As well as attending talks I visited the Emerging Technologies room where I heard about CU2CL, a Clang Tool which provides a source-to-source translation from CUDA to OpenCL, thus allowing a wider range of devices to be targeted. In some cases converting to OpenCL and changing platform leads to significant performance increases.
It is possible to target FPGAs with CU2CL, however such devices tend to take a performance hit as they favour pipeline parallelism rather than data parallelism. This relates to another talk in the conference, in which Hamid Reza Zohouri demonstrated how implementing FPGA-specific optimisations on OpenCL kernels achieved FPGA performance comparable to an Intel Xeon and better power efficiency than an NVIDIA K20. A remaining challenge is to make the compiler automatically optimize such programs for FPGAs.

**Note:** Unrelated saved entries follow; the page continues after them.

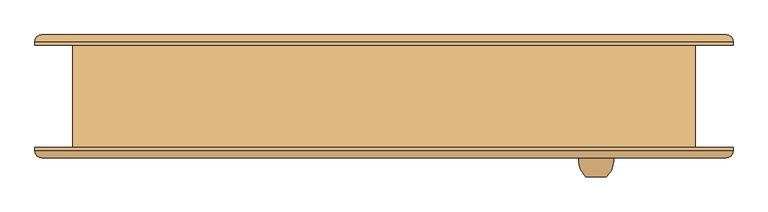
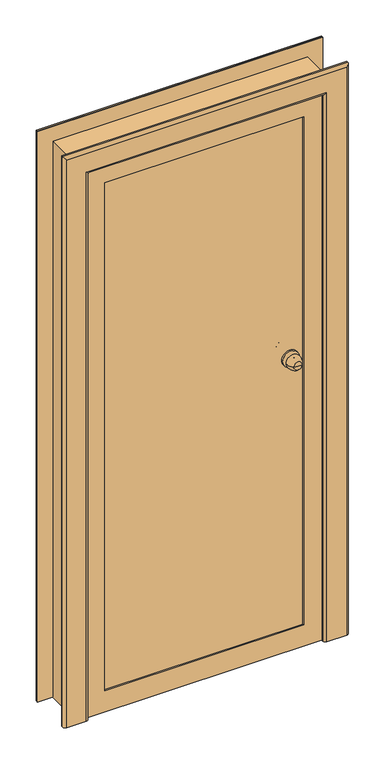
"""IFC4 building model written with IfcOpenShell, lengths in millimetres: door geometry, Наружная дверь 1-Навесная - Один проем наружу с порогом - 31173-2003 : ДСН КЛН  М1 УЗ 2100-910 ГОСТ 31173-2003."""

from ifc_helpers import new_model, si_unit, point, frame, origin, place, context, project, spatial, polyline, circle_curve, ellipse_curve, trimmed, outline, extrude, faceted_brep, source, transform, mapped, element, save
from ifc_brep_helpers import plane_surface, cylinder_surface, revolved_surface, advanced_brep


def door_a4fe4bf0(model_context):
    return source(origin(), model_context, "Body", "SolidModel", [
        advanced_brep(
        [(295.0, -118.0, 1100.0), (310.0, -118.0, 1100.0), (325.0, -118.0, 1100.0), (335.0, -88.0, 1100.0), (285.0, -88.0, 1100.0), (328.0, -88.0, 1100.0), (292.0, -88.0, 1100.0), (320.0, -80.0, 1100.0), (300.0, -80.0, 1100.0), (320.0, -74.0, 1100.0), (300.0, -74.0, 1100.0), (340.0, -74.0, 1100.0), (280.0, -74.0, 1100.0), (340.0, -68.0, 1100.0), (280.0, -68.0, 1100.0)],
        [
            (0, 1),
            (1, 2),
            (2, 0, circle_curve(frame((310.0, -118.0, 1100.0), z_axis=(0.0, -1.0, 0.0), x_axis=(1.0, 0.0, 0.0)), 15.0)),
            (0, 2, circle_curve(frame((310.0, -118.0, 1100.0), z_axis=(0.0, -1.0, 0.0), x_axis=(1.0, 0.0, 0.0)), 15.0)),
            (2, 3, circle_curve(frame((300.3773735, -93.1257912, 1100.0), z_axis=(0.0, 0.0, 1.0), x_axis=(-1.0, 0.0, 0.0)), 35.0)),
            (3, 4, circle_curve(frame((310.0, -88.0, 1100.0), z_axis=(0.0, -1.0, 0.0), x_axis=(1.0, 0.0, 0.0)), 25.0)),
            (4, 0, circle_curve(frame((319.6226265, -93.1257912, 1100.0), z_axis=(0.0, 0.0, 1.0), x_axis=(1.0, 0.0, 0.0)), 35.0)),
            (4, 3, circle_curve(frame((310.0, -88.0, 1100.0), z_axis=(0.0, -1.0, 0.0), x_axis=(1.0, 0.0, 0.0)), 25.0)),
            (3, 5),
            (5, 6, circle_curve(frame((310.0, -88.0, 1100.0), z_axis=(0.0, -1.0, 0.0), x_axis=(1.0, 0.0, 0.0)), 18.0)),
            (6, 4),
            (6, 5, circle_curve(frame((310.0, -88.0, 1100.0), z_axis=(0.0, -1.0, 0.0), x_axis=(1.0, 0.0, 0.0)), 18.0)),
            (5, 7, circle_curve(frame((328.0, -80.0, 1100.0), z_axis=(0.0, 0.0, -1.0), x_axis=(-1.0, 0.0, 0.0)), 8.0)),
            (7, 8, circle_curve(frame((310.0, -80.0, 1100.0), z_axis=(0.0, -1.0, 0.0), x_axis=(1.0, 0.0, 0.0)), 10.0)),
            (8, 6, circle_curve(frame((292.0, -80.0, 1100.0), z_axis=(0.0, 0.0, -1.0), x_axis=(1.0, 0.0, 0.0)), 8.0)),
            (8, 7, circle_curve(frame((310.0, -80.0, 1100.0), z_axis=(0.0, -1.0, 0.0), x_axis=(1.0, 0.0, 0.0)), 10.0)),
            (7, 9),
            (9, 10, circle_curve(frame((310.0, -74.0, 1100.0), z_axis=(0.0, -1.0, 0.0), x_axis=(1.0, 0.0, 0.0)), 10.0)),
            (10, 8),
            (10, 9, circle_curve(frame((310.0, -74.0, 1100.0), z_axis=(0.0, -1.0, 0.0), x_axis=(1.0, 0.0, 0.0)), 10.0)),
            (11, 12, circle_curve(frame((310.0, -74.0, 1100.0), z_axis=(0.0, -1.0, 0.0), x_axis=(-1.0, 0.0, 0.0)), 30.0)),
            (12, 11, circle_curve(frame((310.0, -74.0, 1100.0), z_axis=(0.0, -1.0, 0.0), x_axis=(-1.0, 0.0, 0.0)), 30.0)),
            (13, 14, circle_curve(frame((310.0, -68.0, 1100.0), z_axis=(0.0, 1.0, 0.0), x_axis=(-1.0, 0.0, 0.0)), 30.0)),
            (14, 13, circle_curve(frame((310.0, -68.0, 1100.0), z_axis=(0.0, 1.0, 0.0), x_axis=(-1.0, 0.0, 0.0)), 30.0)),
            (12, 14),
            (13, 11),
        ],
        [
            plane_surface(frame((310.0, -118.0, 1100.0), z_axis=(0.0, -1.0, 0.0), x_axis=(1.0, 0.0, 0.0))),
            revolved_surface(trimmed(ellipse_curve(frame((300.3773735, -93.1257912, 1100.0), z_axis=(0.0, 0.0, 1.0), x_axis=(-1.0, 0.0, 0.0)), 35.0, 35.0), [point((325.0, -118.0, 1100.0))], [point((335.0, -88.0, 1100.0))], True, "CARTESIAN"), (310.0, -148.0, 1100.0), (0.0, 1.0, 0.0)),
            plane_surface(frame((310.0, -88.0, 1100.0), z_axis=(0.0, 1.0, 0.0), x_axis=(1.0, 0.0, 0.0))),
            revolved_surface(trimmed(ellipse_curve(frame((328.0, -80.0, 1100.0), z_axis=(0.0, 0.0, -1.0), x_axis=(-1.0, 0.0, 0.0)), 8.0, 8.0), [point((328.0, -88.0, 1100.0))], [point((320.0, -80.0, 1100.0))], True, "CARTESIAN"), (310.0, -148.0, 1100.0), (0.0, 1.0, 0.0)),
            cylinder_surface(frame((310.0, -148.0, 1100.0), z_axis=(0.0, 1.0, 0.0), x_axis=(1.0, 0.0, 0.0)), 10.0),
            plane_surface(frame((280.0, -74.0, 1100.0), z_axis=(0.0, -1.0, 0.0), x_axis=(0.0, 0.0, 1.0))),
            plane_surface(frame((280.0, -68.0, 1100.0), z_axis=(0.0, 1.0, 0.0), x_axis=(0.0, 0.0, -1.0))),
            cylinder_surface(frame((310.0, -68.0, 1100.0), z_axis=(0.0, -1.0, 0.0), x_axis=(-1.0, 0.0, 0.0)), 30.0),
        ],
        [
            (0, [[1, 2, 3]]),
            (0, [[-1, 4, -2]]),
            (1, [[5, 6, 7, -3]]),
            (1, [[-7, 8, -5, -4]]),
            (2, [[9, 10, 11, -6]]),
            (2, [[-11, 12, -9, -8]]),
            (3, [[13, 14, 15, -10]]),
            (3, [[-15, 16, -13, -12]]),
            (4, [[17, 18, 19, -14]]),
            (4, [[-19, 20, -17, -16]]),
            (5, [[21, 22], [-20, -18]]),
            (6, [[23, 24]]),
            (7, [[25, -23, 26, -22]]),
            (7, [[-26, -24, -25, -21]]),
        ],
    ),
        advanced_brep(
        [(325.0, 52.0, 1100.0), (310.0, 52.0, 1100.0), (295.0, 52.0, 1100.0), (285.0, 22.0, 1100.0), (335.0, 22.0, 1100.0), (292.0, 22.0, 1100.0), (328.0, 22.0, 1100.0), (300.0, 14.0, 1100.0), (320.0, 14.0, 1100.0), (300.0, 8.0, 1100.0), (320.0, 8.0, 1100.0), (280.0, 8.0, 1100.0), (340.0, 8.0, 1100.0), (280.0, 2.0, 1100.0), (340.0, 2.0, 1100.0)],
        [
            (0, 1),
            (1, 2),
            (2, 0, circle_curve(frame((310.0, 52.0, 1100.0), z_axis=(0.0, 1.0, 0.0), x_axis=(-1.0, 0.0, 0.0)), 15.0)),
            (0, 2, circle_curve(frame((310.0, 52.0, 1100.0), z_axis=(0.0, 1.0, 0.0), x_axis=(-1.0, 0.0, 0.0)), 15.0)),
            (2, 3, circle_curve(frame((319.6226265, 27.1257912, 1100.0), z_axis=(0.0, 0.0, 1.0), x_axis=(1.0, 0.0, 0.0)), 35.0)),
            (3, 4, circle_curve(frame((310.0, 22.0, 1100.0), z_axis=(0.0, 1.0, 0.0), x_axis=(-1.0, 0.0, 0.0)), 25.0)),
            (4, 0, circle_curve(frame((300.3773735, 27.1257912, 1100.0), z_axis=(0.0, 0.0, 1.0), x_axis=(-1.0, 0.0, 0.0)), 35.0)),
            (4, 3, circle_curve(frame((310.0, 22.0, 1100.0), z_axis=(0.0, 1.0, 0.0), x_axis=(-1.0, 0.0, 0.0)), 25.0)),
            (3, 5),
            (5, 6, circle_curve(frame((310.0, 22.0, 1100.0), z_axis=(0.0, 1.0, 0.0), x_axis=(-1.0, 0.0, 0.0)), 18.0)),
            (6, 4),
            (6, 5, circle_curve(frame((310.0, 22.0, 1100.0), z_axis=(0.0, 1.0, 0.0), x_axis=(-1.0, 0.0, 0.0)), 18.0)),
            (5, 7, circle_curve(frame((292.0, 14.0, 1100.0), z_axis=(0.0, 0.0, -1.0), x_axis=(1.0, 0.0, 0.0)), 8.0)),
            (7, 8, circle_curve(frame((310.0, 14.0, 1100.0), z_axis=(0.0, 1.0, 0.0), x_axis=(-1.0, 0.0, 0.0)), 10.0)),
            (8, 6, circle_curve(frame((328.0, 14.0, 1100.0), z_axis=(0.0, 0.0, -1.0), x_axis=(-1.0, 0.0, 0.0)), 8.0)),
            (8, 7, circle_curve(frame((310.0, 14.0, 1100.0), z_axis=(0.0, 1.0, 0.0), x_axis=(-1.0, 0.0, 0.0)), 10.0)),
            (7, 9),
            (9, 10, circle_curve(frame((310.0, 8.0, 1100.0), z_axis=(0.0, 1.0, 0.0), x_axis=(-1.0, 0.0, 0.0)), 10.0)),
            (10, 8),
            (10, 9, circle_curve(frame((310.0, 8.0, 1100.0), z_axis=(0.0, 1.0, 0.0), x_axis=(-1.0, 0.0, 0.0)), 10.0)),
            (11, 12, circle_curve(frame((310.0, 8.0, 1100.0), z_axis=(0.0, 1.0, 0.0), x_axis=(1.0, 0.0, 0.0)), 30.0)),
            (12, 11, circle_curve(frame((310.0, 8.0, 1100.0), z_axis=(0.0, 1.0, 0.0), x_axis=(1.0, 0.0, 0.0)), 30.0)),
            (13, 14, circle_curve(frame((310.0, 2.0, 1100.0), z_axis=(0.0, -1.0, 0.0), x_axis=(1.0, 0.0, 0.0)), 30.0)),
            (14, 13, circle_curve(frame((310.0, 2.0, 1100.0), z_axis=(0.0, -1.0, 0.0), x_axis=(1.0, 0.0, 0.0)), 30.0)),
            (12, 14),
            (13, 11),
        ],
        [
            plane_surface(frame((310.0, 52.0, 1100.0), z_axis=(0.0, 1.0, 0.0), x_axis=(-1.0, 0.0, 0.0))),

Also in the Emerging Technologies room I learned about the QSigma Reconfigurable Compile-Time Superscalar Computer. This is a VLIW architecture in which superscalar execution and multi-threading is controlled at compile-time, rather than in hardware as is traditional. This eliminates the need for superscalar and multi-threading hardware units and is intended to save energy consumption and free up space on the chip.
On the final day I opted for the workshop on Numerical Reproducibility at Exascale (NRE2016). The scope ranged from reproducibility in hardware and software, to reproducibility in scientific papers. Michael Wolfe asked what the compiler can do to aid reproducibility and discussed how it might also break reproducibility. For example, the fused multiply-add operation gives different results depending on the order in which it is executed and different compilers produce different orderings.
Ideas for how the compiler might help reproducibility included: running parallel loops in various orders to check the result is the same, automatic comparison between two compilations to see if one is a fair implementation of the other, and the ability to flag critical parts of code that must be reproducible. I look forward to reading the full paper on this topic when it is available.
The following are a few posters that caught my attention during the conference:
- Performance and Energy Aware Workload Partitioning on Heterogeneous Platforms
- Quantization for Energy Efficient Convolutional Neural Networks
- Discovering Energy Resource Usage Patterns on Scientific Clusters
All in all this was a successful trip with lots of thought-provoking content.